In fact, using photography to depict the Yanomami raises another ethical question: what to do with a portrait when the individual shown in it dies. In traditional Yanomami culture everything relating to an individual is destroyed when they die to spare the relatives’ suffering, including burning their belongings and sometimes even erasing their footprints from the land. With this sentiment, the images should have been destroyed too, but, recognising how the pieces could be used to help the cause, the artist was given special approval by Davi Kopenawa, a shaman who became an important ally and spokesperson for the Yanomami. “Andujar realised creative endeavour was not enough so she started the NGO, then eventually realised it was important that the Yanomami speak for themselves,” says Nogueira. 

This is something that Nogueira wanted to make evident in the exhibition. In 1992 the Yanomami territory was officially recognised and, though the struggle for their rights continued, it seemed that an important battle had perhaps been won. By the end of the decade, Andujar’s work had been accepted into the art world but the connection with her activism had somehow been lost.“In the early 2000s, she got her first gallery and the ethical commitment was not being addressed. I felt there was a story that was not being completely told – and that was being forgotten because of the distance from the fight in 1990s, when the land conflict died down. For me, it was important to show the complexity of the story, and how photography was used as a politicised weapon.”

And that’s an important factor because, with the election of Jair Bolsonaro as president of Brazil on 1 January 2019, Yanomami territory is once again under threat. Bolsonaro is on the record as stating that “if it depends on me, this unilateral policy of demarcating indigenous land on the part of the executive will cease to exist,” and Nogueira has included a video of him saying just this in the exhibition. As he points out, even if Brazil continues to demarcate the land, if the government fails to protect it, the demarcation is meaningless. 

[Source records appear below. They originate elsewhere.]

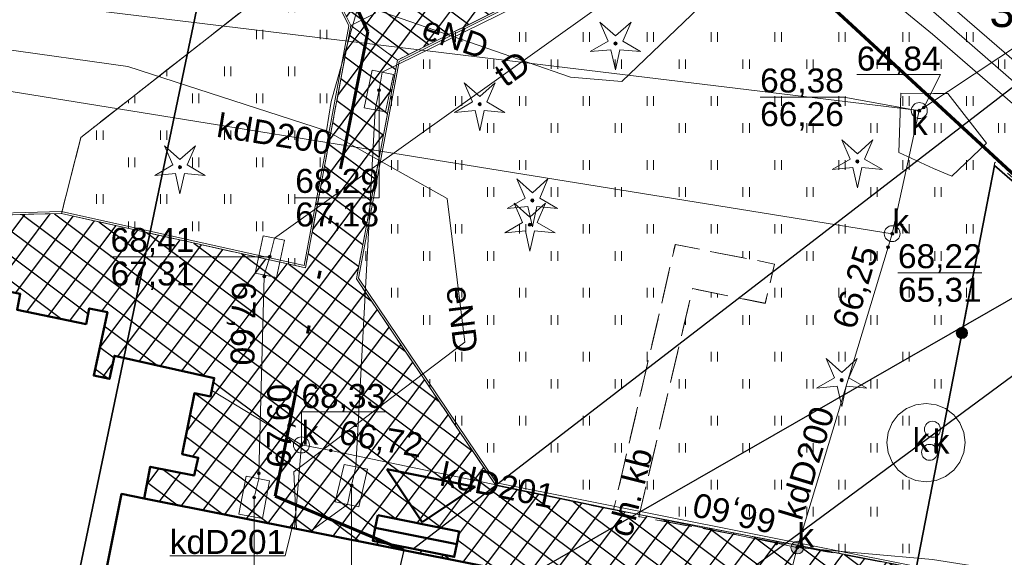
# Model space of a CAD drawing. Header units: millimetres. Extents: x 6501010 to 6502959, y 5884302 to 5886510.
# Tile 27 of 43: x 6502206 to 6502237, y 5885334 to 5885351. Entities that reach past the tile are written whole.
import ezdxf
from ezdxf.enums import TextEntityAlignment as Align

# ---------------------------------------------------------------- set-up
doc = ezdxf.new("R2010")
doc.units = ezdxf.units.MM
for name, pattern in [('ACAD_ISO06W100', [37.5, 24, -3, 0.5, -3, 0.5, -3, 0.5, -3]), ('BUUT04', [200000, 0, -100000, 0, -100000]), ('EGBU01', [2, 0.5, -0.5, 0.5, -0.5]), ('OTKC_A05', [1.5, 1, -0.5]), ('OTKU_A05', [2, 1.5, -0.5]), ('OTZT_A05', [1.5, 1, -0.5])]:
    doc.linetypes.add(name, pattern=pattern)
for name, color, linetype, lineweight in [('!!!_elektryczne', 12, 'Continuous', 18), ('!A_granica opracowania', 12, 'Continuous', 40), ('!A_opis', 7, 'Continuous', 25), ('!A_utwardzenia', 12, 'Continuous', 5), ('Budynki EGiB', 9, 'Continuous', 0), ('Działki', 9, 'Continuous', 0), ('Komunikacja (linie)', 9, 'Continuous', 0), ('Komunikacja (obszary)', 9, 'Continuous', 0), ('Ogrodzenia', 9, 'Continuous', 0), ('Przewody ciepłownicze', 9, 'Continuous', 0), ('Przewody elektroenergetyczne', 9, 'Continuous', 0), ('Przewody kanalizacyjne', 9, 'Continuous', 0), ('Przewody telekomunikacyjne', 9, 'Continuous', 0), ('Punkty o określonej wysokości', 9, 'Continuous', 0), ('Urządzenia towarzyszące (linie)', 9, 'Continuous', 0), ('Urządzenia towarzyszące (obszary)', 9, 'Continuous', 0), ('Urządzenia towarzyszące (punkty)', 9, 'Continuous', 0), ('Urządzenia związane z siecią (punkty)', 9, 'Continuous', 0), ('Użytki gruntowe', 9, 'Continuous', 0), ('Zagospodarowanie terenu (obszary)', 9, 'Continuous', 0), ('Zagospodarowanie terenu (punkty)', 9, 'Continuous', 0)]:
    doc.layers.add(name, color=color, linetype=linetype, lineweight=lineweight)
doc.styles.add('DOMYSLNA_CZCIONKA', font='arial.ttf')

# ---------------------------------------------------------------- blocks, each defined once
blk = doc.blocks.new('OTZG_P05')
at = {"linetype": 'ByBlock', "lineweight": 18, "true_color": 0x008000}
blk.add_hatch(color=96, dxfattribs=at).paths.add_polyline_path([(-0.1, 0, 1), (0.1, 0, 1)])
at = {"color": 96, "lineweight": 18, "true_color": 0x008000}
blk.add_lwpolyline([(-0.974, 1.341), (0, 0.48), (0.974, 1.341), (0.457, 0.148), (1.576, -0.512), (0.282, -0.389), (0, -1.658), (-0.282, -0.389), (-1.576, -0.512), (-0.457, 0.148), (-0.974, 1.341)], dxfattribs=at)
blk.add_circle((0, 0), 0.1, dxfattribs=at)
blk = doc.blocks.new('SUPW_PO05')
at = {"color": 18, "linetype": 'Continuous', "lineweight": 18, "true_color": 0x0a0909}
blk.add_circle((0, 0), 0.5, dxfattribs=at)
blk = doc.blocks.new('SUKS_P05')
at = {"color": 36, "linetype": 'Continuous', "lineweight": 18, "true_color": 0x803300}
blk.add_circle((0, 0), 0.5, dxfattribs=at)
blk = doc.blocks.new('SUKU_P05')
at = {"lineweight": 18, "true_color": 0x803300}
h = blk.add_hatch(color=36, dxfattribs=at)
h.dxf.hatch_style = 1
h.paths.add_polyline_path([(0.4, 0, 1), (-0.4, 0, 1)])
at = {"color": 36, "lineweight": 18, "true_color": 0x803300}
blk.add_circle((0, 0), 0.4, dxfattribs=at)
blk = doc.blocks.new('SUPS01_05')
at = {"lineweight": 18}
h = blk.add_hatch(color=9, dxfattribs=at)
h.dxf.hatch_style = 1
h.paths.add_polyline_path([(-0.09, 0, 1), (0.09, 0, 1)])
at = {"color": 9, "lineweight": 18}
blk.add_circle((0, 0), 0.09, dxfattribs=at)
blk = doc.blocks.new('SUPS01_07')
at = {"lineweight": 18, "true_color": 0xff9100}
h = blk.add_hatch(color=30, dxfattribs=at)
h.dxf.hatch_style = 1
h.paths.add_polyline_path([(0.09, 0, 1), (-0.09, 0, 1)])
at = {"color": 18, "lineweight": 18, "true_color": 0x0a0909}
blk.add_circle((0, 0), 0.09, dxfattribs=at)
blk = doc.blocks.new('OTOO_L05')
at = {"linetype": 'BUUT04', "lineweight": 18, "true_color": 0x000000}
h = blk.add_hatch(color=18, dxfattribs=at)
h.dxf.hatch_style = 1
h.paths.add_polyline_path([(-0.58, 0, 1), (0.58, 0, 1)])
at = {"color": 18, "true_color": 0x0a0909}
blk.add_circle((0, 0), 0.58, dxfattribs=at)
blk = doc.blocks.new('Linia_1', base_point=(36403, 8881.7))
at = {"layer": '!A_opis', "color": 12, "linetype": 'Continuous', "lineweight": 50}
for p, q in [((36403, 8881.7), (36465.5, 8944.2)), ((36465.5, 8944.2), (36465.5, 8819.2)), ((36403, 8881.7), (36465.5, 8819.2))]:
    blk.add_line(p, q, dxfattribs=at)

msp = doc.modelspace()

# ---------------------------------------------------------------- hatches: boundary and pattern name
at = {"layer": '!A_utwardzenia', "linetype": 'Continuous', "lineweight": -2}
h = msp.add_hatch(dxfattribs=at)
h.set_pattern_fill('ANSI37', color=256, scale=5)
h.set_pattern_definition([(53.2453488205, (-4901.1136, 38362.21866), (-0.500753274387, 0.373993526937), []), (143.2453488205, (-4901.1136, 38362.21866), (-0.373993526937, -0.500753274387), [])])
h.paths.add_polyline_path([(6502203.963, 5885341.254), (6502204.664, 5885344.627), (6502207.69, 5885344.7), (6502215.33, 5885343), (6502216.75, 5885350.58), (6502215.68, 5885352.724), (6502217.022, 5885353.394), (6502218.091, 5885351.251), (6502226.917, 5885355.669), (6502228.198, 5885354.488), (6502218.21, 5885349.5), (6502216.92, 5885342.66), (6502221.29, 5885336.19), (6502224.967, 5885335.435), (6502224.967, 5885335.435), (6502224.971, 5885335.434), (6502225.771, 5885335.28), (6502225.771, 5885335.28), (6502225.771, 5885335.28), (6502234.44, 5885333.602), (6502233.95, 5885331.07), (6502210.28, 5885335.79), (6502210.482, 5885336.778), (6502211.84, 5885336.5), (6502211.97, 5885337.06), (6502211.47, 5885337.17), (6502211.85, 5885339.08), (6502212.36, 5885338.98), (6502212.47, 5885339.55), (6502209.35, 5885340.25), (6502209.189, 5885339.524), (6502208.7, 5885339.63), (6502209.117, 5885341.613), (6502208.56, 5885341.73), (6502208.46, 5885341.24), (6502206.3, 5885341.69), (6502206.4, 5885342.19), (6502205.834, 5885342.318), (6502205.52, 5885340.93)])
h.paths.add_polyline_path([(6502220.142, 5885334.752), (6502219.983, 5885333.957), (6502217.433, 5885334.466), (6502217.591, 5885335.261)], flags=16)
at = {"layer": 'Zagospodarowanie terenu (obszary)'}
h = msp.add_hatch(dxfattribs=at)
h.set_pattern_fill('OTZT', color=256, scale=0.2, style=0, pattern_type=0)
h.set_pattern_definition([(90, (6502207.79, 5885344.15), (-2, 1e-16), [0.3, -1.7]), (90, (6502207.99, 5885344.15), (-2, 1e-16), [0.3, -1.7]), (90, (6502208.79, 5885343), (-2, 1e-16), [0.3, -1.7]), (90, (6502208.99, 5885343), (-2, 1e-16), [0.3, -1.7])])
h.paths.add_polyline_path([(6502207.69, 5885344.7), (6502215.33, 5885343), (6502216.75, 5885350.58), (6502233.99, 5885359.21), (6502233.01, 5885360.472), (6502231.32, 5885360.2), (6502229.34, 5885359.54), (6502215.17, 5885352.47), (6502208.78, 5885347.457), (6502208.456, 5885347.203), (6502208.3, 5885347.08), (6502208.147, 5885346.483), (6502208.03, 5885346.025), (6502207.952, 5885345.722), (6502207.867, 5885345.389), (6502207.758, 5885344.965)], flags=0)
h = msp.add_hatch(dxfattribs=at)
h.set_pattern_fill('OTZT', color=256, scale=0.2, style=0, pattern_type=0)
h.set_pattern_definition([(90, (6502217.02, 5885295.2205), (-2, 1e-16), [0.3, -1.7]), (90, (6502217.22, 5885295.2205), (-2, 1e-16), [0.3, -1.7]), (90, (6502218.02, 5885294.0705), (-2, 1e-16), [0.3, -1.7]), (90, (6502218.22, 5885294.0705), (-2, 1e-16), [0.3, -1.7])])
h.paths.add_polyline_path([(6502236.89, 5885346.2), (6502267.38, 5885319.74), (6502270.58, 5885316.95), (6502270.253, 5885315.434), (6502274.94, 5885307.84), (6502271.671, 5885294.07), (6502272.971, 5885294.47), (6502273.759, 5885294.713), (6502274.217, 5885294.878), (6502274.702, 5885295.154), (6502275.271, 5885295.618), (6502275.818, 5885296.193), (6502276.411, 5885296.9), (6502276.981, 5885297.643), (6502277.454, 5885298.405), (6502277.741, 5885299.074), (6502277.852, 5885299.482), (6502277.948, 5885299.959), (6502280.48, 5885312.599), (6502280.49, 5885312.65), (6502280.401, 5885313.931), (6502280.237, 5885315.074), (6502279.962, 5885315.972), (6502278.965, 5885318.302), (6502278.171, 5885319.87), (6502277.17, 5885321.91), (6502235.29, 5885358.03), (6502218.21, 5885349.5), (6502216.92, 5885342.66), (6502221.29, 5885336.19), (6502224.97, 5885335.43), (6502226.9, 5885343.73), (6502230.01, 5885343.12), (6502229.72, 5885341.89), (6502227.44, 5885342.35), (6502225.76, 5885335.22), (6502234.44, 5885333.6)], flags=0)

# ---------------------------------------------------------------- linework, layer by layer
at = {"layer": '!!!_elektryczne', "color": 6, "linetype": 'ACAD_ISO06W100', "lineweight": 60, "ltscale": 0.5, "flags": 128}
msp.add_lwpolyline([(6502141.54, 5885417.271), (6502215.734, 5885353.783), (6502217.275, 5885350.379), (6502214.38, 5885335.861), (6502218.41, 5885334.169)], dxfattribs=at)
at = {"layer": '!!!_elektryczne', "color": 6, "linetype": 'ACAD_ISO06W100', "lineweight": 25, "ltscale": 0.2, "flags": 128}
msp.add_lwpolyline([(6502218.41, 5885334.169), (6502218.41, 5885334.169), (6502217.77, 5885331.491), (6502213.482, 5885328.313)], dxfattribs=at)
at = {"layer": '!A_granica opracowania', "lineweight": 70, "flags": 128}
msp.add_lwpolyline([(6502135.64, 5885439.81), (6502156.38, 5885420.69), (6502179.76, 5885399.13), (6502243.42, 5885340.46), (6502270.88, 5885317.06), (6502239.07, 5885168.58), (6502207.7, 5885174.93), (6502176.42, 5885181.26), (6502145.37, 5885187.54), (6502088.97, 5885198.96), (6502114.4, 5885324.63), (6502121.68, 5885360.58), (6502124.66, 5885375.29), (6502122.226, 5885375.8), (6502135.64, 5885439.81)], dxfattribs=at)
at = {"layer": '!A_opis', "color": 12, "linetype": 'Continuous', "lineweight": 30}
for p, q in [((6502248.083, 5885356.822), (6502218.708, 5885334.211)), ((6502213.482, 5885328.313), (6502252.294, 5885350.564)), ((6502252.294, 5885350.564), (6502223.261, 5885329.143))]:
    msp.add_line(p, q, dxfattribs=at)
at = {"layer": '!A_utwardzenia', "color": 7, "lineweight": 5, "flags": 128}
for points in [[(6502216.75, 5885350.58), (6502215.68, 5885352.724), (6502217.019, 5885353.393), (6502218.09, 5885351.251), (6502226.917, 5885355.669), (6502228.198, 5885354.488), (6502218.21, 5885349.5), (6502216.92, 5885342.66), (6502221.29, 5885336.19), (6502224.972, 5885335.434), (6502224.972, 5885335.434), (6502224.972, 5885335.434), (6502224.972, 5885335.434), (6502224.971, 5885335.434), (6502225.771, 5885335.28), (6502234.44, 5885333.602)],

“To protect the area you need a lot of police and a lot of investment from the government, otherwise it’s just an abstract border on a map,” Nogueira says about the current situation. “But our government has no interest in doing any of that. The situation has now taken a very terrible turn. All the indigenous people in Brazil face a terrible moment.”

Diane Smyth

Claudia Andujar: The Yanomami Struggle, Fondation Cartier pour l’art contemporain, Paris, until 10 May.